As for bad loans getting through, the spokesman said that “LaLiberte was the primary architect of the system.  He was in charge of the underwriting guidelines…. It was his responsibility to make certain these issues were addressed and did not happen.”

Eileen Loiacono was an underwriter at People’s Choice from 2003 until September 2005. She said LaLiberte tried to do the right thing, but lost out to more powerful forces. 

She and several other underwriters told Dateline that they felt pressured by sales staff to approve questionable applications.
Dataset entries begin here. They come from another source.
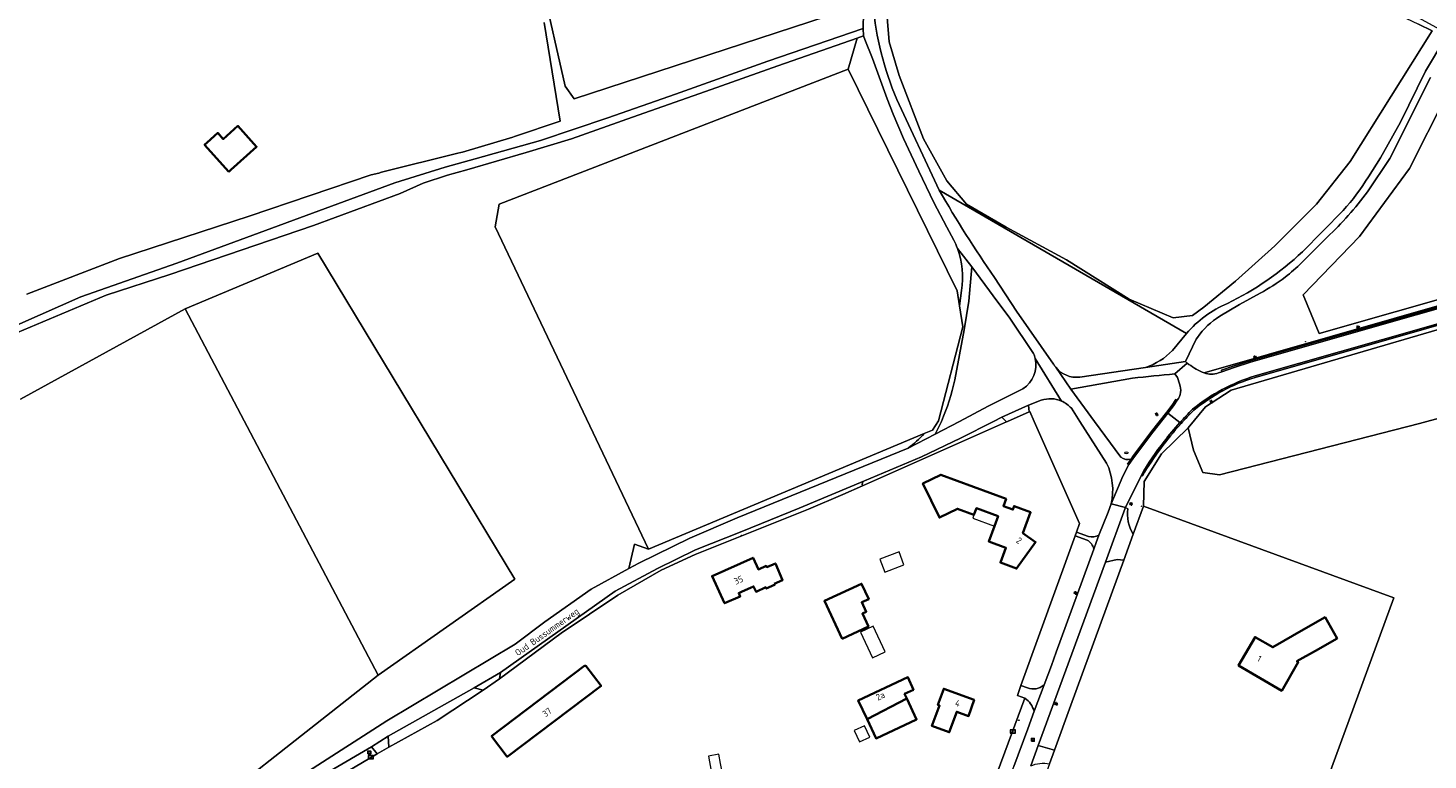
# Model space of a CAD drawing. Header units: metres. Extents: x 140853 to 145288, y 474558 to 480269.
# Tile 80 of 256: x 141599 to 141986, y 476906 to 477109. Entities that reach past the tile are written whole.
import ezdxf
from ezdxf.enums import TextEntityAlignment as Align

# ---------------------------------------------------------------- set-up
doc = ezdxf.new("R2010")
doc.units = ezdxf.units.M
doc.header["$MEASUREMENT"] = 0
for name, color, linetype, lineweight in [('B-WE-GR-BEPLANTING_CULTUUR_BOSPLANTSOEN-G', 90, 'GR-PLANTSOEN', 18), ('B-WE-GR-BOS_GEMENGD-G', 40, 'Continuous', 13), ('B-WE-GR-BOS_LOOF-G', 40, 'Continuous', 13), ('B-WE-GR-BOUWLAND-G', 80, 'Continuous', 13), ('B-WE-GR-GRAS-G', 60, 'Continuous', 13), ('B-WE-GR-GRAS_KRUIDENRIJK-G', 80, 'Continuous', 18), ('B-WE-GR-GROENVOORZIENING-G', 80, 'Continuous', 18), ('B-WE-IE-TERREINAFSCHEIDING_KUNSTMATIG_HEKWERK-G', 20, 'IE-TERREINAFSCHEIDING-KUNSTMATIG', 18), ('B-WE-IE-TERREINAFSCHEIDING_KUNSTMATIG_MUUR-G', 90, 'IE-TERREINAFSCHEIDING-KUNSTMATIG-DICHT', 18), ('B-WE-KL-ET_LS_OV_LICHTMAST-S', 190, 'Continuous', 18), ('B-WE-KL-WATER_BRANDLEIDING_PUT-S', 150, 'Continuous', 18), ('B-WE-KL-WATER_PUT-S', 170, 'Continuous', 18), ('B-WE-OG-BEBOUWING-G', 7, 'Continuous', 35), ('B-WE-OG-BEBOUWING_BIJGEBOUW-G', 7, 'Continuous', 18), ('B-WE-OG-BEBOUWING_HUISNUMMER-T18', 10, 'Continuous', 18), ('B-WE-OG-BEBOUWING_LUIFEL-G', 7, 'Continuous', 18), ('B-WE-OG-BEBOUWING_STRAATNAAM-T18', 10, 'Continuous', 18), ('B-WE-OG-TERREIN_ERF-G', 7, 'Continuous', 18), ('B-WE-RI-GWA_RIOOLPUT-S', 30, 'Continuous', 18), ('B-WE-RI-TERREINKAST-S', 7, 'Continuous', 18), ('B-WE-VH-ONVERHARD-G', 252, 'Continuous', 18), ('B-WE-VH-VERHARDING_ASFALT-G', 252, 'Continuous', 18), ('B-WE-VH-VERHARDING_BETONSTRAATSTEEN-G', 252, 'Continuous', 18), ('B-WE-VH-VERHARDING_GESLOTEN-G', 7, 'Continuous', 18), ('B-WE-VH-VERHARDING_GRASBETONSTEEN-G', 70, 'Continuous', 18), ('B-WE-VH-VERHARDING_HALFVERHARDING-G', 252, 'Continuous', 18), ('B-WE-VH-VERHARDING_HALFVERHARDING_GRIND-G', 252, 'Continuous', 18), ('X-XX-XX-ALGEMEEN-S', 7, 'Continuous', 18)]:
    doc.layers.add(name, color=color, linetype=linetype, lineweight=lineweight)
doc.styles.add('NLCS-ISO', font='txt')
doc.linetypes.add('GR-PLANTSOEN', pattern='A,0,[179,NLCS.shx,S=2,R=0,X=0,Y=0],-4', length=4)
doc.linetypes.add('IE-TERREINAFSCHEIDING-KUNSTMATIG', pattern='A,4,[82,NLCS.shx,S=0.75,R=90,X=0,Y=0],4,-2', length=10)
doc.linetypes.add('IE-TERREINAFSCHEIDING-KUNSTMATIG-DICHT', pattern='A,8,-1,[82,NLCS.shx,S=0.75,R=90,X=0,Y=0],-1', length=10)

# ---------------------------------------------------------------- blocks, each defined once
blk = doc.blocks.new('SIE-WEG_AFVALBAK_TYPE_01')
for radius in [0.25, 0.156]:
    blk.add_circle((0, 0), radius)
blk = doc.blocks.new('SRI-TERREINKAST-SO')
at = {"ltscale": 0.1}
h = blk.add_hatch(color=256, dxfattribs=at)
h.paths.add_polyline_path([(3.9, 2.1), (-3.4, 2.1), (-3.4, -2.4), (3.9, -2.4)])
h.paths.add_polyline_path([(3.4, 1.6), (-2.9, 1.6), (-2.9, -1.9), (3.4, -1.9)], flags=16)
at = {"flags": 128}
for points in [[(3.9, 2.1), (-3.4, 2.1), (-3.4, -2.4), (3.9, -2.4)], [(3.4, 1.6), (-2.9, 1.6), (-2.9, -1.9), (3.4, -1.9)]]:
    blk.add_lwpolyline(points, close=True, dxfattribs=at)
at = {"style": 'NLCS-ISO'}
blk.add_text('RI', height=1.8, dxfattribs=at).set_placement((-0.9, -1))
blk = doc.blocks.new('B-SIE-WEG_LICHTMAST-SO')
at = {"ltscale": 0.1}
for p, q in [((-1.1, 0.6), (-2.2, 1.3)), ((0, 1.3), (0, 2.5)), ((1.1, 0.6), (2.2, 1.3)), ((-1.1, -0.6), (-2.2, -1.3)), ((0, -1.3), (0, -2.5)), ((1.1, -0.6), (2.2, -1.3))]:
    blk.add_line(p, q, dxfattribs=at)
at = {"flags": 128}
for points in [[(-1.2, 0.5), (1.2, 0.5)], [(-1.2, -0.5), (1.2, -0.5)]]:
    blk.add_lwpolyline(points, dxfattribs=at)
at = {"ltscale": 0.1}
blk.add_circle((0, 0), 1.27, dxfattribs=at)
at = {"style": 'NLCS-ISO'}
blk.add_attdef('TYPE', text='', height=1.8, dxfattribs=at).set_placement((0, 2.5), align=Align.BOTTOM_CENTER)
blk = doc.blocks.new('SIE-WEG_STRAATPOT_BRANDKRAAN-SO')
blk.add_ellipse((0, 0), major_axis=(-0.729, 0), ratio=0.685994)
at = {"style": 'NLCS-ISO'}
blk.add_text('BR', height=0.4, dxfattribs=at).set_placement((-0.3, -0.2))
blk = doc.blocks.new('SRI-PUT_INSPECTIE-SO')
at = {"lineweight": -3, "flags": 128}
blk.add_lwpolyline([(-2, -2), (2, -2), (2, 2), (-2, 2)], close=True, dxfattribs=at)
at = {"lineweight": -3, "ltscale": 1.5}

While their work as underwriters was supervised by a chief credit officer, they said that for administrative and basic personnel matters, they reported to sales managers.

One former People’s Choice manager who spoke on condition of anonymity said, “That place was run by the sales people,” some making $200,000 to $300,000 a month.  That did create pressure on underwriters, the former manager said. “There was a lot of ‘keep your mouth shut’ going on, meaning you just didn’t ask questions about things you knew were wrong.”

Loiacono said that the problems and pressure were not restricted to stated income loans, but also involved full documentation applications for which borrowers submitted records to prove how much they made.

Falsified documents
She said she saw numerous instances of falsified W-2s, tax returns, and bank statements, including crude cut-and-paste jobs. “They would use someone else's tax returns, and then they'd put someone else's name in them,” she said.

She said that she challenged about a third of all loan applications but was overruled by company executives the vast majority of the time.

According to Loiacono and several other underwriters, in a few instances, sales people offered incentives to sign off on loans.  Loaicono claimed the offers included breast implants, cars, and cash.  She said she declined all such offers and reported them to the human resources department.  She said nothing was done, as far as she knows.

Loiacono said that some sales people engaged in intimidation, threatening, for instance, to slash the tires of an uncooperative underwriter. Another underwriter, who requested anonymity, told Dateline her car was scratched up with a key by a sales person she crossed. 

The environment became too uncomfortable, Loiacono said, so she quit in September 2005.  “I wanted to be able to sleep at night without feeling like I was coming into a fight every day about something that I knew needed to be done right, and was not being done right.”